San Diego shipbuilder General Dynamics NASSCO on Saturday celebrated the launch of the Isla Bella, the world’s first LNG-powered containership.More than 3,400 were in attendance at the launch ceremony, including the shipbuilders, their families, industry stakeholders and the public. The name of the vessel was also revealed during the ceremony. The ship’s sponsor, Mrs. Sophie Sacco, wife of Michael Sacco, president of the Seafarers International Union of North America, AFL-CIO, had the honor of christening the ship with the traditional champagne bottle break over the hull.
The containership is part of a two-ship contract with TOTE, Inc., a leading logistics and transportation company based in Jacksonville, Florida. The new ships, known as the Marlin Class, will be the first liquefied natural gas (LNG) powered containerships in the world and will provide Jones Act shipping services from Jacksonville, Florida and San Juan, Puerto Rico. The 3,100 TEU ship’s are designed by DSEC, a subsidiary of Daewoo Shipbuilding & Marine Engineering (DSME) in South Korea. The design is based on proven containership-design standards and include DSME’s patented LNG fuel-gas system and a single MAN B&W 8L70ME-GI dual-fuel gas-powered engine. The low-speed ME-GI engine will primarily operate on LNG, which will help the make the vessels among the most environmentally friendly containerships in the world.Delivery of the Isla Bella is expected for the Q4 2015, followed by the second ship in the Q1 2016. The vessels will operate under charter agreements with Sea Star Line LLC.
The launch of the Isla Bella also marked the 100th ship launch for NASSCO. TOTE’s contract with NASSCO includes options for up to three additional ships


----------



## ben27 (Dec 27, 2012)

good day geoff gower,yesterday.19:19.re:introducing isla bella-worlds first lng powered containership launched at nassco.thank you for shipping news.most interesting.regards ben27


----------



## spongebob (Dec 11, 2007)

What a joy she will be to the ship's engineers and maintenance crew.
No more burning of boiler oil or even marine grade diesel that carbons and clogs the working parts.

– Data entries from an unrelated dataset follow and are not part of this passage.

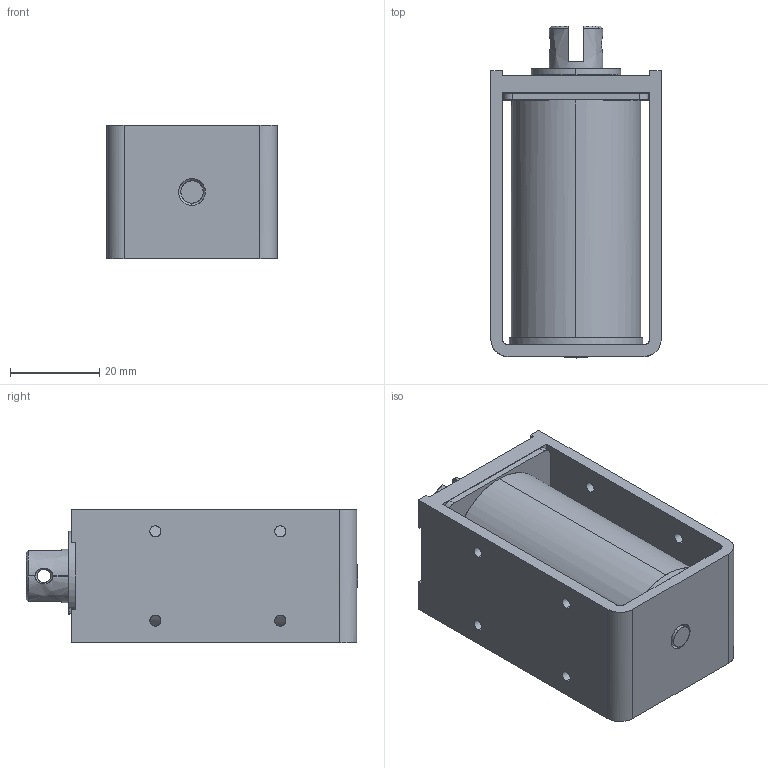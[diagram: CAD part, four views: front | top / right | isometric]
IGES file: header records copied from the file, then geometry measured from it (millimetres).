
Start section: SolidWorks IGES file using analytic representation for surfaces
Global section: file name: L:\カタログ\web用3Dデータ\CA1264\3D_CA1264A\w_CA1264A.IGS; native system: SolidWorks 2018; preprocessor: SolidWorks 2018; author: yakata; date: 210521.102423; units: millimetre
Bounding box: 38.2 x 74.4 x 30 mm (x, y, z)
Surface area: 22960.5 mm2 (no closed solid volume)
Topology: 0 solids, 0 shells, 127 faces, 2087 edges, 2087 vertices
Faces by surface type: bspline 127

Clean burning fuel should extend the engine's life.

Bob


----------



## kewl dude (Jun 1, 2008)

http://www.dot.gov/fastlane/tote-lng-vessel-christened

Just over an hour-long video beginning at sundown shows the launch ceremony including the audience sitting in chairs facing the bow, a large uniformed band provides music, a military color guard. Near the beginning of the film they show a count down to launch clock that says 44 minutes. 

Throughout the film the count down clock would be shown. After about forty minutes the count down clock said 8 minutes but it was another 15 minutes before people climbed up on the christening platform. 

During this film a lot of civilian and military folks spoke to the crowd. Interspersed with pictures of the launch crew preparations mostly steel burning but also some welding and painting something. I wonder why they launched after dark? So they could fire off all of those fireworks?

Greg Hayden


----------